These are the inlays which I referred to in my earlier post as being outsourced by Gibson.

If I remember correctly the maker was a Turk..   The crescent moon and stars a common theme.

----------


## Petrus

> There are other inlays besides Fern and Flower pot that can be done that are VERY attractive. Did Gibby include Torch and Wire? Besides that, many, gasp!, non-traditional inlays are quite striking i.e. Phoenix, Rigel, Fleur de Lys etc.


The breakage issue of the F-type scroll heads is generally addressed by adding a shim between the wood and the veneer with the grain running perpendicular, to add some strength in that area.  I think Siminoff suggests this in his book.

----------


## Canoedad

> The registration was issued based on a claim of "acquired distinctiveness" pursuant to Section 2(f) of the Lanham Act, the U.S. trademark statute.  To establish this to the satisfaction of the Trademark Examiner, Gibson had to claim "substantially exclusive and continuous use" for at least the five years immediately preceding the application.

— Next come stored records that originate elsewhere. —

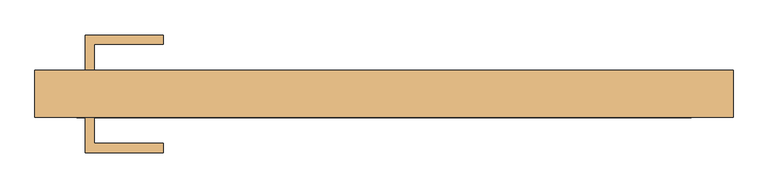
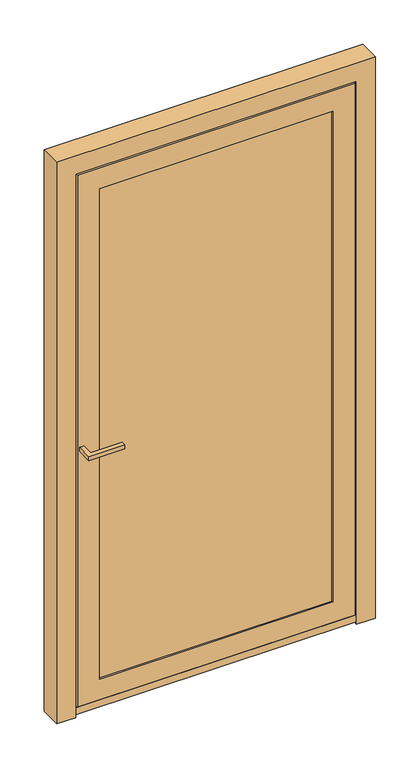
"""IFC4 building model written with IfcOpenShell, lengths in millimetres: door geometry, Reynaers_MasterLine 8_Door_Miter_Inward Opening_Single Vent : Reynaers_MasterLine 8_Door_Miter_Inward Opening_Single Vent."""

from ifc_helpers import new_model, si_unit, frame, origin, place, context, project, spatial, polyline, outline, extrude, faceted_brep, source, transform, mapped, element, save


def door_fae9e560(model_context):
    return source(origin(), model_context, "Body", "SolidModel", [
        extrude(outline(polyline([(-488.0, -131.2), (-473.0, -131.2), (-473.0, -173.7), (-360.5, -173.7), (-360.5, -188.7), (-488.0, -188.7), (-488.0, -131.2)])), frame((0.0, 0.0, 1000.0), z_axis=(0.0, 0.0, 1.0), x_axis=(1.0, 0.0, 0.0)), (0.0, 0.0, 1.0), 15.0),
        extrude(outline(polyline([(-488.0, -54.2), (-488.0, 3.3), (-360.5, 3.3), (-360.5, -11.7), (-473.0, -11.7), (-473.0, -54.2), (-488.0, -54.2)])), frame((0.0, 0.0, 1000.0), z_axis=(0.0, 0.0, 1.0), x_axis=(1.0, 0.0, 0.0)), (0.0, 0.0, 1.0), 15.0),
        extrude(outline(polyline([(1994.0, 444.0), (1994.0, -444.0), (88.5, -444.0), (88.5, 444.0), (1994.0, 444.0)]), holes=[polyline([(1969.0, -419.0), (1969.0, 419.0), (113.5, 419.0), (113.5, -419.0), (1969.0, -419.0)])]), frame((0.0, -92.2, 0.0), z_axis=(0.0, 1.0, 0.0), x_axis=(0.0, 0.0, 1.0)), (0.0, 0.0, 1.0), 38.0),
        faceted_brep([(-501.5, -127.4, 0.0), (-501.5, -131.2, 0.0), (-570.0, -131.2, 0.0), (-570.0, -54.2, 0.0), (-527.5, -54.2, 0.0), (-527.5, -63.0, 0.0), (-516.5, -63.0, 0.0), (-516.5, -127.4, 0.0), (-516.5, -127.4, 2066.5), (516.5, -127.4, 2066.5), (516.5, -127.4, 0.0), (501.5, -127.4, 0.0), (501.5, -127.4, 2051.5), (-501.5, -127.4, 2051.5), (-570.0, -131.2, 2120.0), (-570.0, -54.2, 2120.0), (-501.5, -131.2, 2051.5), (501.5, -131.2, 2051.5), (501.5, -131.2, 0.0), (570.0, -131.2, 0.0), (570.0, -131.2, 2120.0), (570.0, -54.2, 2120.0), (516.5, -63.0, 0.0), (527.5, -63.0, 0.0), (527.5, -54.2, 0.0), (570.0, -54.2, 0.0), (-516.5, -63.0, 2066.5), (527.5, -54.2, 2077.5), (-527.5, -54.2, 2077.5), (516.5, -63.0, 2066.5), (-527.5, -63.0, 2077.5), (527.5, -63.0, 2077.5)], [[[0, 1, 2, 3, 4, 5, 6, 7]], [[7, 8, 9, 10, 11, 12, 13, 0]], [[2, 14, 15, 3]], [[1, 16, 17, 18, 19, 20, 14, 2]], [[0, 13, 16, 1]], [[14, 20, 21, 15]], [[13, 12, 17, 16]], [[11, 10, 22, 23, 24, 25, 19, 18]], [[20, 19, 25, 21]], [[12, 11, 18, 17]], [[6, 26, 8, 7]], [[3, 15, 21, 25, 24, 27, 28, 4]], [[26, 29, 9, 8]], [[29, 22, 10, 9]], [[5, 30, 31, 23, 22, 29, 26, 6]], [[4, 28, 30, 5]], [[28, 27, 31, 30]], [[27, 24, 23, 31]]]),
        extrude(outline(polyline([(-89.2, 26.0), (-89.2, 11.0), (-90.9632698, 11.0), (-89.2, 1.0), (-97.2, 1.0), (-95.4367302, 11.0), (-97.2, 11.0), (-97.2, 26.0), (-89.2, 26.0)])), frame((-501.5, 0.0, 0.0), z_axis=(1.0, 0.0, 0.0), x_axis=(0.0, 1.0, 0.0)), (0.0, 0.0, 1.0), 1003.0),
        extrude(outline(polyline([(-501.5, -127.4), (501.5, -127.4), (501.5, -131.2), (-501.5, -131.2), (-501.5, -127.4)])), frame((0.0, 0.0, 11.0), z_axis=(0.0, 0.0, 1.0), x_axis=(1.0, 0.0, 0.0)), (0.0, 0.0, 1.0), 26.0),
        faceted_brep([(-444.0, -54.2, 1994.0), (444.0, -54.2, 1994.0), (444.0, -127.2, 1994.0), (-444.0, -127.2, 1994.0), (-521.5, -58.0, 2071.5), (521.5, -58.0, 2071.5), (521.5, -54.2, 2071.5), (-521.5, -54.2, 2071.5), (444.0, -54.2, 88.5), (444.0, -127.2, 88.5), (521.5, -58.0, 11.0), (521.5, -54.2, 11.0), (-444.0, -54.2, 88.5), (-444.0, -127.2, 88.5), (-521.5, -58.0, 11.0), (-521.5, -54.2, 11.0), (-506.5, -58.0, 2056.5), (506.5, -58.0, 2056.5), (506.5, -58.0, 26.0), (-506.5, -58.0, 26.0), (-506.5, -122.4, 2056.5), (506.5, -122.4, 2056.5), (-495.5, -131.2, 2045.5), (495.5, -131.2, 2045.5), (495.5, -122.4, 2045.5), (-495.5, -122.4, 2045.5), (-417.0, -127.2, 1967.0), (417.0, -127.2, 1967.0), (417.0, -131.2, 1967.0), (-417.0, -131.2, 1967.0), (506.5, -122.4, 26.0), (495.5, -131.2, 37.0), (495.5, -122.4, 37.0), (417.0, -127.2, 115.5), (417.0, -131.2, 115.5), (-506.5, -122.4, 26.0), (-495.5, -131.2, 37.0), (-495.5, -122.4, 37.0), (-417.0, -127.2, 115.5), (-417.0, -131.2, 115.5)], [[[0, 1, 2, 3]], [[4, 5, 6, 7]], [[1, 8, 9, 2]], [[5, 10, 11, 6]], [[8, 12, 13, 9]], [[10, 14, 15, 11]], [[12, 0, 3, 13]], [[7, 6, 11, 15], [1, 0, 12, 8]], [[14, 4, 7, 15]], [[5, 4, 14, 10], [16, 17, 18, 19]], [[20, 21, 17, 16]], [[22, 23, 24, 25]], [[26, 27, 28, 29]], [[21, 30, 18, 17]], [[23, 31, 32, 24]], [[27, 33, 34, 28]], [[30, 35, 19, 18]], [[31, 36, 37, 32]], [[33, 38, 39, 34]], [[35, 20, 16, 19]], [[21, 20, 35, 30], [25, 24, 32, 37]], [[36, 22, 25, 37]], [[23, 22, 36, 31], [29, 28, 34, 39]], [[38, 26, 29, 39]], [[3, 2, 9, 13], [27, 26, 38, 33]]]),
        extrude(outline(polyline([(436.0, -96.2), (436.0, -123.2), (-436.0, -123.2), (-436.0, -96.2), (436.0, -96.2)])), frame((0.0, 0.0, 96.5), z_axis=(0.0, 0.0, 1.0), x_axis=(1.0, 0.0, 0.0)), (0.0, 0.0, 1.0), 1889.5),
    ])


if __name__ == "__main__":
    model = new_model("IFC4")
    model_context = context("Model", 3, world=origin())
    ifc_project = project(units=[si_unit("LENGTHUNIT", "METRE", prefix="MILLI")], contexts=[model_context])
    site = spatial("IfcSite", under=ifc_project)
    building = spatial("IfcBuilding", under=site)
    placement = place(None, origin())
    door_shape = door_fae9e560(model_context)
    element("IfcDoor", 1, ObjectType="Reynaers_MasterLine 8_Door_Miter_Inward Opening_Single Vent : Reynaers_MasterLine 8_Door_Miter_Inward Opening_Single Vent", at=placement, inside=building, context=model_context, shape_type="MappedRepresentation", body=[
        mapped(door_shape, transform((0.0, 0.0, 0.0), x_axis=(1.0, 0.0, 0.0), y_axis=(0.0, 1.0, 0.0), z_axis=(0.0, 0.0, 1.0))),
    ])
    save(model, "model.ifc")

So Gibson (and possibly their attorney) lied to the PTO.

----------


## Charlieshafer

It would seem that they would have had to have lied. As Glennly said, this one is so easy to dispute that it just seems plain odd that Gibson would even bother. It's just another example of how corporations get lost in the fog as opposed to making real improvements in either their products or in this case, their policy towards small dealers. This just costs them money; making mandolins available to the small shops (without the big shop purchasing minimums) would only make them money.

----------


## Bernie Daniel

> So Gibson (and possibly their attorney) lied to the PTO.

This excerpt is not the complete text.